--- DATA SHOWN ---
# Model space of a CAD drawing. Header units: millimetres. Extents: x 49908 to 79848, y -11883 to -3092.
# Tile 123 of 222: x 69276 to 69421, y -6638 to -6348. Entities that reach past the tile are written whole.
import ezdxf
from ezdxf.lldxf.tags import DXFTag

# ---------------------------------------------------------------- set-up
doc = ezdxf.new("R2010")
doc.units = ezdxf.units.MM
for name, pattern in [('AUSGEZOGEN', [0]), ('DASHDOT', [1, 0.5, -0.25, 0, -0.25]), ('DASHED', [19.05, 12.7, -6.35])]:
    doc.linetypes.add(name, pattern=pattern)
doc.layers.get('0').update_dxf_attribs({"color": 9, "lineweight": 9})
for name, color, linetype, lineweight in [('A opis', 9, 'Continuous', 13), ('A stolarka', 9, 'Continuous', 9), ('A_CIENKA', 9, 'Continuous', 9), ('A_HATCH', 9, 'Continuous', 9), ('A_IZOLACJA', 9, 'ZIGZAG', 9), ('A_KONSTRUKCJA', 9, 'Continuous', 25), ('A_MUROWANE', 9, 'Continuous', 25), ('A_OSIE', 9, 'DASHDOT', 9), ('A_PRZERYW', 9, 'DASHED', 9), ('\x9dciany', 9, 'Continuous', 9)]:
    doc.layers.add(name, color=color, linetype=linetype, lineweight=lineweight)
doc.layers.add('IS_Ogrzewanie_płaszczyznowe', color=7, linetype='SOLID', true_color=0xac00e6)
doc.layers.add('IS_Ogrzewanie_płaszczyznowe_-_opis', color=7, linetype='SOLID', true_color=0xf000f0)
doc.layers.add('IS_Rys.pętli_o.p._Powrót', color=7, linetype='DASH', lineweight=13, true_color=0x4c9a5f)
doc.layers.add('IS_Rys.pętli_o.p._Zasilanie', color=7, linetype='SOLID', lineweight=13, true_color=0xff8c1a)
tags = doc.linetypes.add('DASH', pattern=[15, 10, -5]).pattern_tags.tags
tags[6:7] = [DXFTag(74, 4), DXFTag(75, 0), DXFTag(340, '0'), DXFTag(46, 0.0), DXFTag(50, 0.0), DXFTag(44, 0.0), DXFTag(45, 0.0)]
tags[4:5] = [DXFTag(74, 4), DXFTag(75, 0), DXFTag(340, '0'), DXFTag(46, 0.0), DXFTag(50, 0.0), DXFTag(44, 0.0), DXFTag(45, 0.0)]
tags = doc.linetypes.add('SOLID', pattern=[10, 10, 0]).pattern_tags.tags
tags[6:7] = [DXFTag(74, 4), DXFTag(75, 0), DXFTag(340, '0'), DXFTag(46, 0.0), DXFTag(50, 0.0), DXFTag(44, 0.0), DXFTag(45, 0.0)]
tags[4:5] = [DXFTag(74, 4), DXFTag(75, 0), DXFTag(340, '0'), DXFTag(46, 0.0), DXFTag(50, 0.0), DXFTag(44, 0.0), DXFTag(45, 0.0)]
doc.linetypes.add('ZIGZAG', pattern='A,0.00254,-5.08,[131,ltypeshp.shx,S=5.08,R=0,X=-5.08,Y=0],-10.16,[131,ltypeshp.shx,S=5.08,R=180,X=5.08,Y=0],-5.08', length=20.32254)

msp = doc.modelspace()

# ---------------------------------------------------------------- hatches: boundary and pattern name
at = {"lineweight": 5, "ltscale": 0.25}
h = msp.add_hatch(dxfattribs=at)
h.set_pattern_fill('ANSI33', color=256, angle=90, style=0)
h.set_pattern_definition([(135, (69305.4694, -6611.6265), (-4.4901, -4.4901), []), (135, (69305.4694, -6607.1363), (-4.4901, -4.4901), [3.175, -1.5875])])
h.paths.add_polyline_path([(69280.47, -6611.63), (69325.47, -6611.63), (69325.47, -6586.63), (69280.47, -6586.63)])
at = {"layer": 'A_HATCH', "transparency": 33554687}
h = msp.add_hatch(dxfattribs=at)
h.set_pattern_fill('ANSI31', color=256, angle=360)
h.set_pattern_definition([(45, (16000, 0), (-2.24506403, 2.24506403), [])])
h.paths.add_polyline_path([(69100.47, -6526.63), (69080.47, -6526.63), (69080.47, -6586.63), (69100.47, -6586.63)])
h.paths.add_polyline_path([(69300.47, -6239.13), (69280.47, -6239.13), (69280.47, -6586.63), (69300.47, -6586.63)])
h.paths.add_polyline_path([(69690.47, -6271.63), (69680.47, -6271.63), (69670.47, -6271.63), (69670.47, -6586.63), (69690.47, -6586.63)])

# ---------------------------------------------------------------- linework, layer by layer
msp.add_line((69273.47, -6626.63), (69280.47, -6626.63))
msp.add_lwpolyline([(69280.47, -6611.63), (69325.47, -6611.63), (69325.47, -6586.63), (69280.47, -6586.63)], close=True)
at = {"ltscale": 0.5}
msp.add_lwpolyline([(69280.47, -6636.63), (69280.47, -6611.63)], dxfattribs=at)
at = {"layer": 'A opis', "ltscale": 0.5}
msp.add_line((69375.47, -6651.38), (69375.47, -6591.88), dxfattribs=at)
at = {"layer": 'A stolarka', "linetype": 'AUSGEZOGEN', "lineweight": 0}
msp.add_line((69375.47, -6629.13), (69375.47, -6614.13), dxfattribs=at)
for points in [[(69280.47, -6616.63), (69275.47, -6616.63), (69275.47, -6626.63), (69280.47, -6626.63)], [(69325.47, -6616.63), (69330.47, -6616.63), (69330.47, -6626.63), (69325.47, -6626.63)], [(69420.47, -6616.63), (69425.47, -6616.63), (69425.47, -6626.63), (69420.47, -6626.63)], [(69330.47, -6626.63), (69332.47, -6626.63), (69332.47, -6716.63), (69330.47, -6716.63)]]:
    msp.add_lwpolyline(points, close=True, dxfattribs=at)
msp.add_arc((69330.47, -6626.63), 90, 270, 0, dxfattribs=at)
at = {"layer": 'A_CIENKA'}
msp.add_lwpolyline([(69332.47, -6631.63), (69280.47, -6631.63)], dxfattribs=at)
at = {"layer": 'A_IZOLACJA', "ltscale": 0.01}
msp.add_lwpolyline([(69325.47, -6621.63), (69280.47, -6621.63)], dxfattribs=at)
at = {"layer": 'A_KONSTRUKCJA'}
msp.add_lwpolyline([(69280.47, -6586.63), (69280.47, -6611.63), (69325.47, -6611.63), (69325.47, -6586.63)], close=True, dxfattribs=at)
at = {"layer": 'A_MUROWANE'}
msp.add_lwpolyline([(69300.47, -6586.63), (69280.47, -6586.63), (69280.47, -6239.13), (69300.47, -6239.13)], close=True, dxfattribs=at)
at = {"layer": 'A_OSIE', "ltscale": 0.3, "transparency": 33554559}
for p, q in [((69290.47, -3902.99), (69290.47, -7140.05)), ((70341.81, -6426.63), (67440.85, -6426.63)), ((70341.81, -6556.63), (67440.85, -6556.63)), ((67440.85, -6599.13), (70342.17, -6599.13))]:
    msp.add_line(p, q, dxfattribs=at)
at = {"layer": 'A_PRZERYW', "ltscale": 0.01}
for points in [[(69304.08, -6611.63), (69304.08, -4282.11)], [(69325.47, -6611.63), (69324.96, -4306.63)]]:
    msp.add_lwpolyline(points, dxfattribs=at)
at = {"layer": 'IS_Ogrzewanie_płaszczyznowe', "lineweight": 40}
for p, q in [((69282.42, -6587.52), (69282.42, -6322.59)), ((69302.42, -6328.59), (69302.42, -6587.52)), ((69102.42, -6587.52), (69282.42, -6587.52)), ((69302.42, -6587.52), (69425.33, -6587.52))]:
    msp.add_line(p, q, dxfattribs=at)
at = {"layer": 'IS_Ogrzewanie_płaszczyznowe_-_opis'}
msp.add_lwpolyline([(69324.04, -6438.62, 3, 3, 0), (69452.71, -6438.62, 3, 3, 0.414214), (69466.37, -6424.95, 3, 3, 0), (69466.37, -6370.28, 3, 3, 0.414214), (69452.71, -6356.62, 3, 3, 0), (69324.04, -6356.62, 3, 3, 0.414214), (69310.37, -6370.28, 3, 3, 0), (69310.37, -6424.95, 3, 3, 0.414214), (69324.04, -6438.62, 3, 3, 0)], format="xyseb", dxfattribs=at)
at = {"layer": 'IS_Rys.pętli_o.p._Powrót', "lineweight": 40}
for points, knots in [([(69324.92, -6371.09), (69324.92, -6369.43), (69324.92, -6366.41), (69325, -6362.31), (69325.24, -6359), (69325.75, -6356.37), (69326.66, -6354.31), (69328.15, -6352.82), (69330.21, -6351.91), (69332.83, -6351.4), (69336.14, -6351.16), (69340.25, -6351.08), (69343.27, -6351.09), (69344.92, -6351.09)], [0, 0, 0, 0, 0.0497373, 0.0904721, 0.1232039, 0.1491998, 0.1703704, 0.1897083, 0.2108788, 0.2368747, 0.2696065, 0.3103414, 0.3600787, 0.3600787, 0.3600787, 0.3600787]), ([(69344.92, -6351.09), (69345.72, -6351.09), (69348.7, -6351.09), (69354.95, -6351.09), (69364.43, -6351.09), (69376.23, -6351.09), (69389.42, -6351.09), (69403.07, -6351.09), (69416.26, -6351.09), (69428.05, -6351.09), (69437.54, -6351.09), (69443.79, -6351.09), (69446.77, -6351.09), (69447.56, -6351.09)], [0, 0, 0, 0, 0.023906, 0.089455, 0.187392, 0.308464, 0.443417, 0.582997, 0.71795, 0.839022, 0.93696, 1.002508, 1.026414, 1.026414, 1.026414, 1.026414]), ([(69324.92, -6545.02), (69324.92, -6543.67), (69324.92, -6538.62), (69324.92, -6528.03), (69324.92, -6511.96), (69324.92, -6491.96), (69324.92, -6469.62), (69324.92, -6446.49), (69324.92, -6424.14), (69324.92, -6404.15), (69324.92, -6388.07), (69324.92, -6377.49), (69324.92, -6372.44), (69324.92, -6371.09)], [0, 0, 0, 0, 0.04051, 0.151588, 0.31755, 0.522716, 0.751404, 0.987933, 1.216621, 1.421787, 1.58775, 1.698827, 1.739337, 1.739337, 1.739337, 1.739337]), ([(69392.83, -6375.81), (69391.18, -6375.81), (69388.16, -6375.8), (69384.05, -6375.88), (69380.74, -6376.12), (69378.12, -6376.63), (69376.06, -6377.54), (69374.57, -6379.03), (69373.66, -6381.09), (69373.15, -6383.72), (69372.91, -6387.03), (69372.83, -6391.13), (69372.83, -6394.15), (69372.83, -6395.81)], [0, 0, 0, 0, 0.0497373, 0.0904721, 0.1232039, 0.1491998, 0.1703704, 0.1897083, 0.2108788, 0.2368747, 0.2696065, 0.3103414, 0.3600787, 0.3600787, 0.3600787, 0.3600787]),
---
> [WHAT THE EXERCISE ASKS]:
Among the entries above, find the line with "pattern=[15, 10, -5]).pattern_tags.tags" and the line with "msp.add_line((69273.47, -6626.63), (69280.47, -6626.63))"; give again exactly these two lines and all lines between them.

> [WRITTEN RESPONSE]:
tags = doc.linetypes.add('DASH', pattern=[15, 10, -5]).pattern_tags.tags
tags[6:7] = [DXFTag(74, 4), DXFTag(75, 0), DXFTag(340, '0'), DXFTag(46, 0.0), DXFTag(50, 0.0), DXFTag(44, 0.0), DXFTag(45, 0.0)]
tags[4:5] = [DXFTag(74, 4), DXFTag(75, 0), DXFTag(340, '0'), DXFTag(46, 0.0), DXFTag(50, 0.0), DXFTag(44, 0.0), DXFTag(45, 0.0)]
tags = doc.linetypes.add('SOLID', pattern=[10, 10, 0]).pattern_tags.tags
tags[6:7] = [DXFTag(74, 4), DXFTag(75, 0), DXFTag(340, '0'), DXFTag(46, 0.0), DXFTag(50, 0.0), DXFTag(44, 0.0), DXFTag(45, 0.0)]
tags[4:5] = [DXFTag(74, 4), DXFTag(75, 0), DXFTag(340, '0'), DXFTag(46, 0.0), DXFTag(50, 0.0), DXFTag(44, 0.0), DXFTag(45, 0.0)]
doc.linetypes.add('ZIGZAG', pattern='A,0.00254,-5.08,[131,ltypeshp.shx,S=5.08,R=0,X=-5.08,Y=0],-10.16,[131,ltypeshp.shx,S=5.08,R=180,X=5.08,Y=0],-5.08', length=20.32254)

msp = doc.modelspace()

# ---------------------------------------------------------------- hatches: boundary and pattern name
at = {"lineweight": 5, "ltscale": 0.25}
h = msp.add_hatch(dxfattribs=at)
h.set_pattern_fill('ANSI33', color=256, angle=90, style=0)
h.set_pattern_definition([(135, (69305.4694, -6611.6265), (-4.4901, -4.4901), []), (135, (69305.4694, -6607.1363), (-4.4901, -4.4901), [3.175, -1.5875])])
h.paths.add_polyline_path([(69280.47, -6611.63), (69325.47, -6611.63), (69325.47, -6586.63), (69280.47, -6586.63)])
at = {"layer": 'A_HATCH', "transparency": 33554687}
h = msp.add_hatch(dxfattribs=at)
h.set_pattern_fill('ANSI31', color=256, angle=360)
h.set_pattern_definition([(45, (16000, 0), (-2.24506403, 2.24506403), [])])
h.paths.add_polyline_path([(69100.47, -6526.63), (69080.47, -6526.63), (69080.47, -6586.63), (69100.47, -6586.63)])
h.paths.add_polyline_path([(69300.47, -6239.13), (69280.47, -6239.13), (69280.47, -6586.63), (69300.47, -6586.63)])
h.paths.add_polyline_path([(69690.47, -6271.63), (69680.47, -6271.63), (69670.47, -6271.63), (69670.47, -6586.63), (69690.47, -6586.63)])

# ---------------------------------------------------------------- linework, layer by layer
msp.add_line((69273.47, -6626.63), (69280.47, -6626.63))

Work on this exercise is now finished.